Under the fixed interest rate loans, the rate applicable on the date of disbursement remains fixed during the entire duration of the loan and you are insulated from the market movements and spared the headache of tracking interest rate changes. Since the interest rate remains fixed, your EMI (equated monthly installment) stays the same.

Whereas in case of floating rate loans (also known as variable, flexible or adjustable rate loans), lender (bank/HFC) has the flexibility to change it in line with the rise/fall in costs of funds which in turn depends upon the market rates of interest. In India, the floating rates are linked to the reference rates which are internal benchmark rates (generally the PLR) of the respective bank/HFC. The change in interest rate is reflected either in the EMI or the tenure of the loan. Depending on the interest rate changes in the economy and consequently the internal benchmark rates of the respective bank/HFC, the EMI or loan tenure can fluctuate.

In other words, the basic difference between fixed and floating loan interest rates is that in case of fixed rates the interest rate risk lies with the bank and in the case of floating rate loans, it is the customer who takes the risk of fluctuation in interest rates.

Which is better?
Fixed rate loans are more expensive than variable rate loans. Almost 90 per cent of the existing housing loans in India are said to be under floating rate schemes because lenders generally discourage fixed loans by charging exorbitant rates compared to floating rate loans. Typically, fixed interest rates are higher by about 100-300 basis point over the floating rates. Most banks charge a premium of 1 to 3% for fixed rates over the variable rates.
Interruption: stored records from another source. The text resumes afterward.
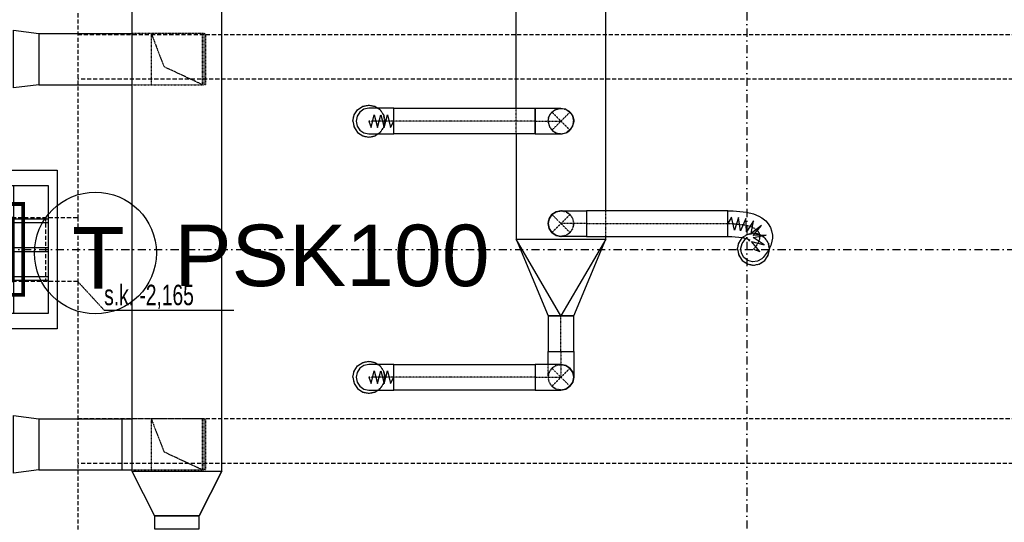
# Model space of a CAD drawing. Header units: centimetres. Extents: x -10729 to 144862, y -4437 to 43656.
# Tile 130 of 148: x 12293 to 13061, y 8387 to 8779. Entities that reach past the tile are written whole.
import ezdxf

# ---------------------------------------------------------------- set-up
doc = ezdxf.new("R2010")
doc.units = ezdxf.units.CM
doc.header["$LTSCALE"] = 0.1
for name, pattern in [('CADVENT_CENTERLINE', [9.9, 7.4, -1, 0.5, -1]), ('CADVENT_HIDDEN', [0.8, 0.25, -0.55]), ('Kondygnacja  -0_5$0$HIDDEN', [9.525, 6.35, -3.175]), ('Kondygnacja  -0_5$0$HIDDEN2', [4.7625, 3.175, -1.5875]), ('Osie rzutów$0$DASHDOT2', [12.7, 6.35, -3.175, 0, -3.175])]:
    doc.linetypes.add(name, pattern=pattern)
doc.layers.add('AU Osprzęt Siemens', color=5, linetype='Continuous', lineweight=30)
for name, color, linetype in [('bgde-nawiewCEN', 7, 'Continuous'), ('bgde-nawiewDETAILS', 1, 'Continuous'), ('bgde-nawiewEXP', 1, 'Continuous'), ('bgde-nawiewHIDDEN', 1, 'Continuous'), ('Kondygnacja  -0_5$0$ARCH_KONSTR_POWYŻEJ RZUTU', 8, 'Kondygnacja  -0_5$0$HIDDEN'), ('Kondygnacja  -0_5$0$ARCH_KONSTR_POWYŻEJ RZUTU_IST', 8, 'Kondygnacja  -0_5$0$HIDDEN2'), ('Kondygnacja  -0_5$0$ARCH_OKŁADZINA', 8, 'Continuous'), ('Kondygnacja  -0_5$0$ARCH_SŁUPY', 8, 'Continuous'), ('Osie rzutów$0$ARCH_INFO_OSIE_IST', 8, 'Osie rzutów$0$DASHDOT2'), ('Osie rzutów$0$ARCH_INFO_OSIE_OPISY_IST', 8, 'Continuous')]:
    doc.layers.add(name, color=color, linetype=linetype)
doc.layers.add('Kondygnacja  -0_5$0$ARCH_KONSTRUKCJA_NIEWIDOCZNA', color=8, linetype='Continuous', plot=False)
doc.styles.add('Arial', font='ARIAL.TTF')
doc.styles.add('Kondygnacja  -0_5$0$BIKTS', font='bikromsw.shx', dxfattribs={"width": 0.8})
pattern_1 = [(45, (-1133.3117, -3177.9858), (-0.6735192, 0.6735192), [])]

# ---------------------------------------------------------------- blocks, each defined once
blk = doc.blocks.new('Osie rzutów')
at = {"layer": 'Osie rzutów$0$ARCH_INFO_OSIE_IST', "ltscale": 10}
for p, q in [((12860, 12510), (12860, 4623.26)), ((4436.04, 8600), (15156.54, 8600))]:
    blk.add_line(p, q, dxfattribs=at)
blk = doc.blocks.new('Kondygnacja  -0_5$0$słup_kwadrat')
at = {"layer": 'Kondygnacja  -0_5$0$ARCH_SŁUPY', "lineweight": 40}
h = blk.add_hatch(dxfattribs=at)
h.set_pattern_fill('ANSI31', color=256, scale=0.3, style=0)
h.set_pattern_definition(pattern_1)
h.paths.add_polyline_path([(36, 34), (39, 34), (39, 84), (36, 84)])
h = blk.add_hatch(dxfattribs=at)
h.set_pattern_fill('ANSI31', color=256, scale=0.3, style=0)
h.set_pattern_definition(pattern_1)
h.paths.add_polyline_path([(89, 80), (89, 83), (39, 83), (39, 80)])
h = blk.add_hatch(dxfattribs=at)
h.set_pattern_fill('ANSI31', color=256, scale=0.3, style=0)
h.set_pattern_definition(pattern_1)
h.paths.add_polyline_path([(89, 34), (92, 34), (92, 84), (89, 84)])
h = blk.add_hatch(dxfattribs=at)
h.set_pattern_fill('ANSI31', color=256, scale=0.3, style=0)
h.set_pattern_definition(pattern_1)
h.paths.add_polyline_path([(89, 57.5), (89, 60.5), (39, 60.5), (39, 57.5)])
h = blk.add_hatch(dxfattribs=at)
h.set_pattern_fill('ANSI31', color=256, scale=0.3, style=0)
h.set_pattern_definition(pattern_1)
h.paths.add_polyline_path([(89, 35), (89, 38), (39, 38), (39, 35)])
at = {"layer": 'Kondygnacja  -0_5$0$ARCH_KONSTRUKCJA_NIEWIDOCZNA'}
blk.add_lwpolyline([(119, 109), (119, 9), (9, 9), (9, 109)], close=True, dxfattribs=at)
for points in [[(36, 109), (36, 84)], [(39, 109), (39, 84)], [(62.5, 109), (62.5, 83)], [(65.5, 109), (65.5, 83)], [(89, 109), (89, 84)], [(92, 109), (92, 84)], [(9, 83), (36, 83)], [(9, 80), (36, 80)], [(92, 83), (119, 83)], [(92, 80), (119, 80)], [(9, 60.5), (36, 60.5)], [(9, 57.5), (36, 57.5)], [(92, 60.5), (119, 60.5)], [(92, 57.5), (119, 57.5)], [(9, 38), (36, 38)], [(9, 35), (36, 35)], [(36, 34), (36, 9)], [(39, 34), (39, 9)], [(62.5, 35), (62.5, 9)], [(65.49, 35), (65.49, 9)], [(89, 34), (89, 9)], [(92, 38), (119, 38)], [(92, 35), (119, 35)], [(92, 34), (92, 9)]]:
    blk.add_lwpolyline(points, dxfattribs=at)
at = {"layer": 'Kondygnacja  -0_5$0$ARCH_OKŁADZINA'}
blk.add_lwpolyline([(2, 121), (126, 121), (126, -3), (2, -3)], close=True, dxfattribs=at)
at = {"layer": 'Kondygnacja  -0_5$0$ARCH_SŁUPY', "lineweight": 40}
for p, q in [((39, 60.5), (89, 60.5)), ((89, 57.5), (39, 57.5))]:
    blk.add_line(p, q, dxfattribs=at)
at = {"layer": 'Kondygnacja  -0_5$0$ARCH_SŁUPY', "lineweight": 50, "const_width": 3}
blk.add_lwpolyline([(28.5, 94.5), (99.5, 94.5), (99.5, 23.5), (28.5, 23.5)], close=True, dxfattribs=at)
at = {"layer": 'Kondygnacja  -0_5$0$ARCH_SŁUPY', "lineweight": 40}
for points in [[(36, 84), (39, 84), (39, 34), (36, 34)], [(89, 84), (92, 84), (92, 34), (89, 34)]]:
    blk.add_lwpolyline(points, close=True, dxfattribs=at)
for points in [[(89, 83), (39, 83)], [(39, 80), (89, 80)], [(89, 38), (39, 38)], [(39, 35), (89, 35)]]:
    blk.add_lwpolyline(points, dxfattribs=at)
blk = doc.blocks.new('Kondygnacja  -0_5$0$konstrukcja istniejąca -0.5')
at = {"layer": 'Kondygnacja  -0_5$0$ARCH_KONSTR_POWYŻEJ RZUTU_IST', "ltscale": 10}
for points in [[(12338, 9775), (12338, 8625)], [(12338, 8575), (12182, 8575), (12182, 8625), (12338, 8625), (12338, 8575)], [(12338, 8575), (12338, 7425)]]:
    blk.add_lwpolyline(points, dxfattribs=at)
at = {"layer": 'Kondygnacja  -0_5$0$ARCH_KONSTR_POWYŻEJ RZUTU_IST', "ltscale": 10, "elevation": 0}
for points in [[(12338, 8767.89), (13382, 8767.89), (13382, 8732.89), (12338, 8732.89)], [(12313, 8625), (12313, 8575)], [(12338, 8467.89), (13382, 8467.89), (13382, 8432.89), (12338, 8432.89)]]:
    blk.add_lwpolyline(points, dxfattribs=at)
at = {"layer": 'Kondygnacja  -0_5$0$ARCH_KONSTR_POWYŻEJ RZUTU_IST'}
blk.add_lwpolyline([(12338, 8575), (12358.68, 8552.53), (12459.84, 8552.53)], dxfattribs=at)
at = {"layer": 'Kondygnacja  -0_5$0$ARCH_KONSTR_POWYŻEJ RZUTU_IST', "style": 'Kondygnacja  -0_5$0$BIKTS', "width": 0.7}
blk.add_text('s.k. -2,165', height=16, dxfattribs=at).set_placement((12358.68, 8556.46))

msp = doc.modelspace()

# ---------------------------------------------------------------- linework, layer by layer
at = {"layer": 'AU Osprzęt Siemens'}
msp.add_circle((12351.826, 8597.215), 47.533, dxfattribs=at)
at = {"layer": 'bgde-nawiewCEN', "linetype": 'CADVENT_CENTERLINE', "ltscale": 0.06}
for p, q in [((12565.2, 8700.203), (12565.153, 8700.203)), ((12565.31, 8700.203), (12565.2, 8700.203)), ((12565.525, 8700.203), (12565.31, 8700.203)), ((12565.879, 8700.203), (12565.525, 8700.203)), ((12566.408, 8700.203), (12565.879, 8700.203)), ((12567.146, 8700.203), (12566.408, 8700.203)), ((12568.128, 8700.203), (12567.146, 8700.203)), ((12569.388, 8700.203), (12568.128, 8700.203)), ((12570.963, 8700.203), (12569.388, 8700.203)), ((12572.886, 8700.203), (12570.963, 8700.203)), ((12575.192, 8700.203), (12572.886, 8700.203)), ((12577.917, 8700.203), (12575.192, 8700.203)), ((12582.927, 8700.203), (12577.917, 8700.203)), ((12584.76, 8700.203), (12582.927, 8700.203)), ((12694.991, 8700.203), (12584.76, 8700.203)), ((12694.991, 8700.203), (12714.991, 8700.203)), ((12734.991, 8620.201), (12714.991, 8620.201)), ((12714.991, 8620.201), (12714.991, 8620.201)), ((12734.991, 8620.201), (12845.223, 8620.201)), ((12845.223, 8620.201), (12848.801, 8620.201)), ((12848.801, 8620.201), (12858.095, 8619.229)), ((12858.095, 8619.229), (12862.513, 8618.121)), ((12862.513, 8618.121), (12865.772, 8616.693)), ((12865.772, 8616.693), (12868.012, 8615.016)), ((12868.012, 8615.016), (12869.374, 8613.161)), ((12869.374, 8613.161), (12869.998, 8611.2)), ((12869.998, 8611.2), (12870.023, 8609.203)), ((12867.911, 8603.709), (12866.945, 8602.281)), ((12868.84, 8605.386), (12867.911, 8603.709)), ((12869.59, 8607.241), (12868.84, 8605.386)), ((12870.023, 8609.203), (12869.59, 8607.241)), ((12866.082, 8601.173), (12865.223, 8600.201)), ((12866.945, 8602.281), (12866.082, 8601.173)), ((12714.991, 8520.203), (12714.991, 8548.038)), ((12714.991, 8520.203), (12714.991, 8500.203)), ((12565.2, 8500.203), (12565.153, 8500.203)), ((12565.31, 8500.203), (12565.2, 8500.203)), ((12565.525, 8500.203), (12565.31, 8500.203)), ((12565.879, 8500.203), (12565.525, 8500.203)), ((12566.408, 8500.203), (12565.879, 8500.203)), ((12567.146, 8500.203), (12566.408, 8500.203)), ((12568.128, 8500.203), (12567.146, 8500.203)), ((12569.388, 8500.203), (12568.128, 8500.203)), ((12570.963, 8500.203), (12569.388, 8500.203)), ((12572.886, 8500.203), (12570.963, 8500.203)), ((12575.192, 8500.203), (12572.886, 8500.203)), ((12577.917, 8500.203), (12575.192, 8500.203)), ((12582.927, 8500.203), (12577.917, 8500.203)), ((12584.76, 8500.203), (12582.927, 8500.203)), ((12694.991, 8500.203), (12584.76, 8500.203)), ((12694.991, 8500.203), (12714.991, 8500.203))]:
    msp.add_line(p, q, dxfattribs=at)
at = {"layer": 'bgde-nawiewDETAILS', "linetype": 'CADVENT_HIDDEN', "extrusion": (-1, -6.12323e-17, 0)}
for p, q in [((12395.359, 8768.606), (12405.359, 8742.606)), ((12435.359, 8728.606), (12405.359, 8742.606)), ((12395.359, 8467.809), (12405.359, 8441.809)), ((12435.359, 8427.809), (12405.359, 8441.809))]:
    msp.add_line(p, q, dxfattribs=at)
at = {"layer": 'bgde-nawiewDETAILS', "linetype": 'CADVENT_HIDDEN'}
for p, q in [((12707.92, 8693.132), (12722.062, 8707.274)), ((12707.92, 8707.274), (12722.062, 8693.132)), ((12707.92, 8613.13), (12722.062, 8627.272)), ((12707.92, 8627.272), (12722.062, 8613.13)), ((12707.92, 8493.132), (12722.062, 8507.274)), ((12707.92, 8507.274), (12722.062, 8493.132))]:
    msp.add_line(p, q, dxfattribs=at)
at = {"layer": 'bgde-nawiewEXP', "linetype": 'Continuous'}
for points in [[(12380.359, 8426.907), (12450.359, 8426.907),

In a low interest rate regime (when the interest rates are at a rock-bottom and there’s a high possibility of a rate hike), fixed rate seems to be a better option as it locks in your future EMIs and you are hedged against interest rate hikes in future. It makes sense to lock in the loan at lower interest rates rather than pay higher rates in future.

Conversely, floaters are best suited in a falling rate scenario. In other words, in case the interest rates are already too high (as is the current situation) and there’s a high probability of future decline in the interest rates, you should opt for floating rates. In an era of falling interest rates, floating interest rate borrower have a party time. If you opt for a floating rate loan you stand to gain if the interest rates decline.

On the flip side you will lose out if interest rate rises. Remember that floating rates are more risky than fixed rates. Tenure of home loans ranges usually from 10 to 20 years whereas interest rates movements (which depend on a host of macro-economic factors) are cyclical in nature and it’s impossible to predict beyond 2-3 years.

But having gone up substantially and almost reached the peak (coupled with slowing down of the economy) there’s high probability of southward movement in the interest rates in the near future.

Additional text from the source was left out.